### Task description
Leaving the pictures aside, transcribe every line below exactly.

____

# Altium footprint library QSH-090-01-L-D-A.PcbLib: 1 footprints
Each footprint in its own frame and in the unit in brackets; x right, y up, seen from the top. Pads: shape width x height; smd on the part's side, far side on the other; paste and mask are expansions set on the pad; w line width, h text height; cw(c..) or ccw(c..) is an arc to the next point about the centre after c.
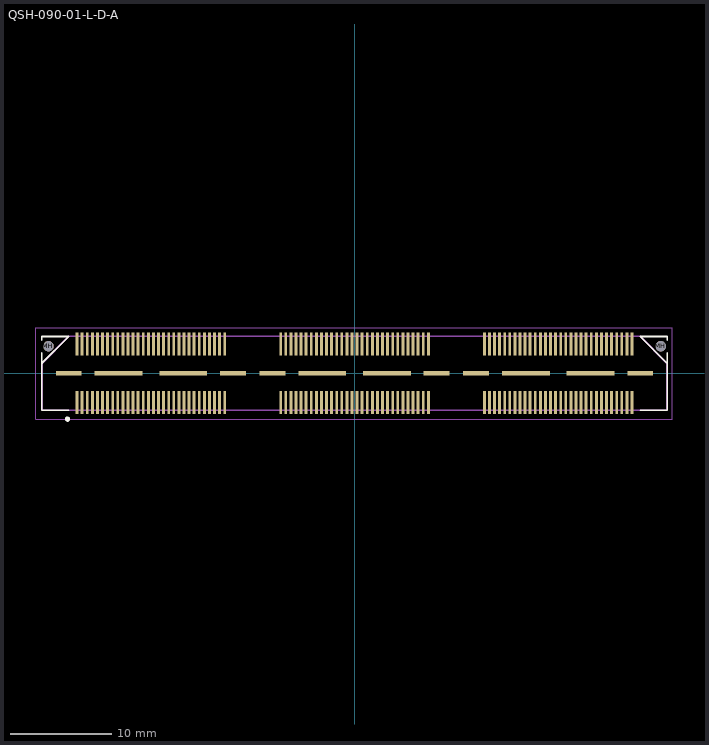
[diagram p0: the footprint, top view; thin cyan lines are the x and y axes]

## QSH-090-01-L-D-A [mm] "180pins 0.50mm Double Row HS Socket Assembly"
height 3.05
pads (194):
  rect 2.54x0.43 smd: 0(-28.06,0) 0(-11.93,0) 0(-8.06,0) 0(8.07,0) 0(11.94,0) 0(28.07,0)
  rect 4.7x0.43 smd: 0(-23.17,0) 0(-16.82,0) 0(-3.17,0) 0(3.18,0) 0(16.83,0) 0(23.18,0)
  rect 0.28x2.27 smd: 1(-27.25,-2.87) 2(-27.25,2.87) 3(-26.75,-2.87) 4(-26.75,2.87) 5(-26.25,-2.87) 6(-26.25,2.87) 7(-25.75,-2.87) 8(-25.75,2.87) 9(-25.25,-2.87) 10(-25.25,2.87) 11(-24.75,-2.87) 12(-24.75,2.87) 13(-24.25,-2.87) 14(-24.25,2.87) 15(-23.75,-2.87) 16(-23.75,2.87) 17(-23.25,-2.87) 18(-23.25,2.87) 19(-22.75,-2.87) 20(-22.75,2.87) 21(-22.25,-2.87) 22(-22.25,2.87) 23(-21.75,-2.87) 24(-21.75,2.87) 25(-21.25,-2.87) 26(-21.25,2.87) 27(-20.75,-2.87) 28(-20.75,2.87) 29(-20.25,-2.87) 30(-20.25,2.87) 31(-19.75,-2.87) 32(-19.75,2.87) 33(-19.25,-2.87) 34(-19.25,2.87) 35(-18.75,-2.87) 36(-18.75,2.87) 37(-18.25,-2.87) 38(-18.25,2.87) 39(-17.75,-2.87) 40(-17.75,2.87) 41(-17.25,-2.87) 42(-17.25,2.87) 43(-16.75,-2.87) 44(-16.75,2.87) 45(-16.25,-2.87) 46(-16.25,2.87) 47(-15.75,-2.87) 48(-15.75,2.87) 49(-15.25,-2.87) 50(-15.25,2.87) 51(-14.75,-2.87) 52(-14.75,2.87) 53(-14.25,-2.87) 54(-14.25,2.87) 55(-13.75,-2.87) 56(-13.75,2.87) 57(-13.25,-2.87) 58(-13.25,2.87) 59(-12.75,-2.87) 60(-12.75,2.87) 61(-7.25,-2.87) 62(-7.25,2.87) 63(-6.75,-2.87) 64(-6.75,2.87) 65(-6.25,-2.87) 66(-6.25,2.87) 67(-5.75,-2.87) 68(-5.75,2.87) 69(-5.25,-2.87) 70(-5.25,2.87) 71(-4.75,-2.87) 72(-4.75,2.87) 73(-4.25,-2.87) 74(-4.25,2.87) 75(-3.75,-2.87) 76(-3.75,2.87) 77(-3.25,-2.87) 78(-3.25,2.87) 79(-2.75,-2.87) 80(-2.75,2.87) 81(-2.25,-2.87) 82(-2.25,2.87) 83(-1.75,-2.87) 84(-1.75,2.87) 85(-1.25,-2.87) 86(-1.25,2.87) 87(-0.75,-2.87) 88(-0.75,2.87) 89(-0.25,-2.87) 90(-0.25,2.87) 91(0.25,-2.87) 92(0.25,2.87) 93(0.75,-2.87) 94(0.75,2.87) 95(1.25,-2.87) 96(1.25,2.87) 97(1.75,-2.87) 98(1.75,2.87) 99(2.25,-2.87) 100(2.25,2.87) 101(2.75,-2.87) 102(2.75,2.87) 103(3.25,-2.87) 104(3.25,2.87) 105(3.75,-2.87) 106(3.75,2.87) 107(4.25,-2.87) 108(4.25,2.87) 109(4.75,-2.87) 110(4.75,2.87) 111(5.25,-2.87) 112(5.25,2.87) 113(5.75,-2.87) 114(5.75,2.87) 115(6.25,-2.87) 116(6.25,2.87) 117(6.75,-2.87) 118(6.75,2.87) 119(7.25,-2.87) 120(7.25,2.87) 121(12.75,-2.87) 122(12.75,2.87) 123(13.25,-2.87) 124(13.25,2.87) 125(13.75,-2.87) 126(13.75,2.87) 127(14.25,-2.87) 128(14.25,2.87) 129(14.75,-2.87) 130(14.75,2.87) 131(15.25,-2.87) 132(15.25,2.87) 133(15.75,-2.87) 134(15.75,2.87) 135(16.25,-2.87) 136(16.25,2.87) 137(16.75,-2.87) 138(16.75,2.87) 139(17.25,-2.87) 140(17.25,2.87) 141(17.75,-2.87) 142(17.75,2.87) 143(18.25,-2.87) 144(18.25,2.87) 145(18.75,-2.87) 146(18.75,2.87) 147(19.25,-2.87) 148(19.25,2.87) 149(19.75,-2.87) 150(19.75,2.87) 151(20.25,-2.87) 152(20.25,2.87) 153(20.75,-2.87) 154(20.75,2.87) 155(21.25,-2.87) 156(21.25,2.87) 157(21.75,-2.87) 158(21.75,2.87) 159(22.25,-2.87) 160(22.25,2.87) 161(22.75,-2.87) 162(22.75,2.87) 163(23.25,-2.87) 164(23.25,2.87) 165(23.75,-2.87) 166(23.75,2.87) 167(24.25,-2.87) 168(24.25,2.87) 169(24.75,-2.87) 170(24.75,2.87) 171(25.25,-2.87) 172(25.25,2.87) 173(25.75,-2.87) 174(25.75,2.87) 175(26.25,-2.87) 176(26.25,2.87) 177(26.75,-2.87) 178(26.75,2.87) 179(27.25,-2.87) 180(27.25,2.87)
  round 1.02 hole 1.02 unplated paste-2539.97: MH(-30.06,2.67) MH(30.07,2.67)
Top Overlay:
  circle w0.254: c-28.187,-4.5 r0.127
  lines w0.178: -30.709,2 -30.709,-3.62 -28.06,-3.62 ; -30.709,3.25 -30.709,3.62 -28.06,3.62 -30.699,0.981 ; 28.07,-3.62 30.709,-3.62 30.709,2 ; 30.691,0.999 28.07,3.62 30.709,3.62 30.709,3.25
Mechanical 15:
  lines w0.1: -31.3,-4.5 31.2,-4.5 31.2,4.5 -31.3,4.5 -31.3,-4.5
Mechanical 29:
  lines w0.127: -30.69,-3.62 -30.69,0.984 -28.054,3.62 28.079,3.62 30.69,1.009 30.69,-3.62 -30.69,-3.62
  text ".Designator" at -3.8,-0.6 h1.27
3D body "QSH-090-01-L-D-A.stp": height 3.25, standoff -0.75, extent -30.64,-3.747 30.74,3.747

____

### Result of this exercise
# Altium footprint library QSH-090-01-L-D-A.PcbLib: 1 footprints
Each footprint in its own frame and in the unit in brackets; x right, y up, seen from the top. Pads: shape width x height; smd on the part's side, far side on the other; paste and mask are expansions set on the pad; w line width, h text height; cw(c..) or ccw(c..) is an arc to the next point about the centre after c.
[diagram p0: the footprint, top view; thin cyan lines are the x and y axes]

## QSH-090-01-L-D-A [mm] "180pins 0.50mm Double Row HS Socket Assembly"
height 3.05
pads (194):
  rect 2.54x0.43 smd: 0(-28.06,0) 0(-11.93,0) 0(-8.06,0) 0(8.07,0) 0(11.94,0) 0(28.07,0)
  rect 4.7x0.43 smd: 0(-23.17,0) 0(-16.82,0) 0(-3.17,0) 0(3.18,0) 0(16.83,0) 0(23.18,0)
  rect 0.28x2.27 smd: 1(-27.25,-2.87) 2(-27.25,2.87) 3(-26.75,-2.87) 4(-26.75,2.87) 5(-26.25,-2.87) 6(-26.25,2.87) 7(-25.75,-2.87) 8(-25.75,2.87) 9(-25.25,-2.87) 10(-25.25,2.87) 11(-24.75,-2.87) 12(-24.75,2.87) 13(-24.25,-2.87) 14(-24.25,2.87) 15(-23.75,-2.87) 16(-23.75,2.87) 17(-23.25,-2.87) 18(-23.25,2.87) 19(-22.75,-2.87) 20(-22.75,2.87) 21(-22.25,-2.87) 22(-22.25,2.87) 23(-21.75,-2.87) 24(-21.75,2.87) 25(-21.25,-2.87) 26(-21.25,2.87) 27(-20.75,-2.87) 28(-20.75,2.87) 29(-20.25,-2.87) 30(-20.25,2.87) 31(-19.75,-2.87) 32(-19.75,2.87) 33(-19.25,-2.87) 34(-19.25,2.87) 35(-18.75,-2.87) 36(-18.75,2.87) 37(-18.25,-2.87) 38(-18.25,2.87) 39(-17.75,-2.87) 40(-17.75,2.87) 41(-17.25,-2.87) 42(-17.25,2.87) 43(-16.75,-2.87) 44(-16.75,2.87) 45(-16.25,-2.87) 46(-16.25,2.87) 47(-15.75,-2.87) 48(-15.75,2.87) 49(-15.25,-2.87) 50(-15.25,2.87) 51(-14.75,-2.87) 52(-14.75,2.87) 53(-14.25,-2.87) 54(-14.25,2.87) 55(-13.75,-2.87) 56(-13.75,2.87) 57(-13.25,-2.87) 58(-13.25,2.87) 59(-12.75,-2.87) 60(-12.75,2.87) 61(-7.25,-2.87) 62(-7.25,2.87) 63(-6.75,-2.87) 64(-6.75,2.87) 65(-6.25,-2.87) 66(-6.25,2.87) 67(-5.75,-2.87) 68(-5.75,2.87) 69(-5.25,-2.87) 70(-5.25,2.87) 71(-4.75,-2.87) 72(-4.75,2.87) 73(-4.25,-2.87) 74(-4.25,2.87) 75(-3.75,-2.87) 76(-3.75,2.87) 77(-3.25,-2.87) 78(-3.25,2.87) 79(-2.75,-2.87) 80(-2.75,2.87) 81(-2.25,-2.87) 82(-2.25,2.87) 83(-1.75,-2.87) 84(-1.75,2.87) 85(-1.25,-2.87) 86(-1.25,2.87) 87(-0.75,-2.87) 88(-0.75,2.87) 89(-0.25,-2.87) 90(-0.25,2.87) 91(0.25,-2.87) 92(0.25,2.87) 93(0.75,-2.87) 94(0.75,2.87) 95(1.25,-2.87) 96(1.25,2.87) 97(1.75,-2.87) 98(1.75,2.87) 99(2.25,-2.87) 100(2.25,2.87) 101(2.75,-2.87) 102(2.75,2.87) 103(3.25,-2.87) 104(3.25,2.87) 105(3.75,-2.87) 106(3.75,2.87) 107(4.25,-2.87) 108(4.25,2.87) 109(4.75,-2.87) 110(4.75,2.87) 111(5.25,-2.87) 112(5.25,2.87) 113(5.75,-2.87) 114(5.75,2.87) 115(6.25,-2.87) 116(6.25,2.87) 117(6.75,-2.87) 118(6.75,2.87) 119(7.25,-2.87) 120(7.25,2.87) 121(12.75,-2.87) 122(12.75,2.87) 123(13.25,-2.87) 124(13.25,2.87) 125(13.75,-2.87) 126(13.75,2.87) 127(14.25,-2.87) 128(14.25,2.87) 129(14.75,-2.87) 130(14.75,2.87) 131(15.25,-2.87) 132(15.25,2.87) 133(15.75,-2.87) 134(15.75,2.87) 135(16.25,-2.87) 136(16.25,2.87) 137(16.75,-2.87) 138(16.75,2.87) 139(17.25,-2.87) 140(17.25,2.87) 141(17.75,-2.87) 142(17.75,2.87) 143(18.25,-2.87) 144(18.25,2.87) 145(18.75,-2.87) 146(18.75,2.87) 147(19.25,-2.87) 148(19.25,2.87) 149(19.75,-2.87) 150(19.75,2.87) 151(20.25,-2.87) 152(20.25,2.87) 153(20.75,-2.87) 154(20.75,2.87) 155(21.25,-2.87) 156(21.25,2.87) 157(21.75,-2.87) 158(21.75,2.87) 159(22.25,-2.87) 160(22.25,2.87) 161(22.75,-2.87) 162(22.75,2.87) 163(23.25,-2.87) 164(23.25,2.87) 165(23.75,-2.87) 166(23.75,2.87) 167(24.25,-2.87) 168(24.25,2.87) 169(24.75,-2.87) 170(24.75,2.87) 171(25.25,-2.87) 172(25.25,2.87) 173(25.75,-2.87) 174(25.75,2.87) 175(26.25,-2.87) 176(26.25,2.87) 177(26.75,-2.87) 178(26.75,2.87) 179(27.25,-2.87) 180(27.25,2.87)
  round 1.02 hole 1.02 unplated paste-2539.97: MH(-30.06,2.67) MH(30.07,2.67)
Top Overlay:
  circle w0.254: c-28.187,-4.5 r0.127
  lines w0.178: -30.709,2 -30.709,-3.62 -28.06,-3.62 ; -30.709,3.25 -30.709,3.62 -28.06,3.62 -30.699,0.981 ; 28.07,-3.62 30.709,-3.62 30.709,2 ; 30.691,0.999 28.07,3.62 30.709,3.62 30.709,3.25
Mechanical 15:
  lines w0.1: -31.3,-4.5 31.2,-4.5 31.2,4.5 -31.3,4.5 -31.3,-4.5
Mechanical 29:
  lines w0.127: -30.69,-3.62 -30.69,0.984 -28.054,3.62 28.079,3.62 30.69,1.009 30.69,-3.62 -30.69,-3.62
  text ".Designator" at -3.8,-0.6 h1.27
3D body "QSH-090-01-L-D-A.stp": height 3.25, standoff -0.75, extent -30.64,-3.747 30.74,3.747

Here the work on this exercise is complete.